On 03/24/2018 09:36 AM, H. S. Teoh wrote:
On Sat, Mar 24, 2018 at 08:27:48AM -0400, Andrei Alexandrescu via Digitalmars-d 
wrote:
[...]
At a point where a realistic benchmarks shows a need. Without a motivating
measurement, making getopt faster would be a waste of time.
[...]

Guys, for crying out loud, my original complaint was not *performance*,
but that the (strange) choice of algorithm for getopt resulted in the
very counterintuitive behaviour that the order options are processed
depends on the order of option declarations rather than the order they
were specified on the command-line.

I'd have a difficult time interpreting the following as not performance-related:

Well, looking at the implementation of std.getopt turned up the
disturbing fact that the program's argument list is actually scanned
*multiple times*, one for each possible option(!).  Besides the bogonity
that whether or not searchPaths will be set prior to finding -l depends
on the order of arguments passed to getopt(), this also represents an
O(n*m) complexity in scanning program arguments, where n = number of
arguments and m = number of possible options.

Anyhow. Right now the order of processing is the same as the lexical order in which flags are passed to getopt. There may be use cases for which that's the more desirable way to go about things, so if you author a PR to change the order you'd need to build an argument on why command-line order is better. FWIW the traditional POSIX doctrine makes behavior of flags independent of their order, which would imply the current choice is more natural.

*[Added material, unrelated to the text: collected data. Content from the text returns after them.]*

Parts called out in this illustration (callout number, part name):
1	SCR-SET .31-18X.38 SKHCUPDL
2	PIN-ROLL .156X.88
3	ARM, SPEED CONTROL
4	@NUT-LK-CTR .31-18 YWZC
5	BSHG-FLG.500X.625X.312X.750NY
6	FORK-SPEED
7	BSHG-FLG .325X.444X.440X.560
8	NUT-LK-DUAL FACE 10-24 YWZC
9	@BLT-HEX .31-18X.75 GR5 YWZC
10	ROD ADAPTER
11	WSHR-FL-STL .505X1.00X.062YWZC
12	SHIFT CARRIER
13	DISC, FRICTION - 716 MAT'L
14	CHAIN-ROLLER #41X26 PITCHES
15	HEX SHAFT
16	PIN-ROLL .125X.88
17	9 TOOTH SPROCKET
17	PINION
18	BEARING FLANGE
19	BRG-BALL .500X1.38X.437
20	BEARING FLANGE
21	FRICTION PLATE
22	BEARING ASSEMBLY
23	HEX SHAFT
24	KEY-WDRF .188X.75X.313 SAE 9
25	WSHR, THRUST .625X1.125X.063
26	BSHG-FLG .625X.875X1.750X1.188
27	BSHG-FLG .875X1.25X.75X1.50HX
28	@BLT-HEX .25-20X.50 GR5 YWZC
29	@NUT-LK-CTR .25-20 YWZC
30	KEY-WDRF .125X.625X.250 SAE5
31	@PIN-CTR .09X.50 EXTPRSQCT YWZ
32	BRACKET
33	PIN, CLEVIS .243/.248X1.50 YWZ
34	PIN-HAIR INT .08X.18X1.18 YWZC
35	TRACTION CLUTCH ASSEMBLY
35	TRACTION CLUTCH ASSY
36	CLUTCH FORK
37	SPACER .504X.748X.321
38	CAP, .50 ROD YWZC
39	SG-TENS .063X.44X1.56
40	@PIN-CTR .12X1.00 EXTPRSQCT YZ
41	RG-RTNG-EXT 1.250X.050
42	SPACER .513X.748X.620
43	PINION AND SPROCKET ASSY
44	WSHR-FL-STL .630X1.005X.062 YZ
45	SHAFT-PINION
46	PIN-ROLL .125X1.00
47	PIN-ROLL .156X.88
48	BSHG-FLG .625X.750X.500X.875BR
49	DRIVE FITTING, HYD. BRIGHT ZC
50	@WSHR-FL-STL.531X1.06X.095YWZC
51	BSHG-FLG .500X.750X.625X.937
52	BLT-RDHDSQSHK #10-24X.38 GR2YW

This makes it basically impossible
to implement certain styles of option processing, such as that employed
in the popular ImageMagick suite of tools, where it matters that options
are processed in the order they are specified by the user, rather than
some arbitrary (to a user who doesn't and shouldn't care to know the
code) predetermined order.

This is an exaggeration. Yes you can't process with lambdas. You can always collect options first, process after. This is a well-supported use case.

My complaint about the quadratic algorithm was not in the fact that it's
quadratic, but that it exhibited this strange (and annoying!) behaviour,
especially since the saner (IMO) non-quadratic algorithm would have been
the expected choice in the first place, that would *not* have had this
problem. It felt almost like we went out of our way just to make things
counterintuitive, with slowness added as a cherry on top.

I want to be convinced. I think you'd need to build a better case on why you consider one behavior intuitive and the other counterintuitive.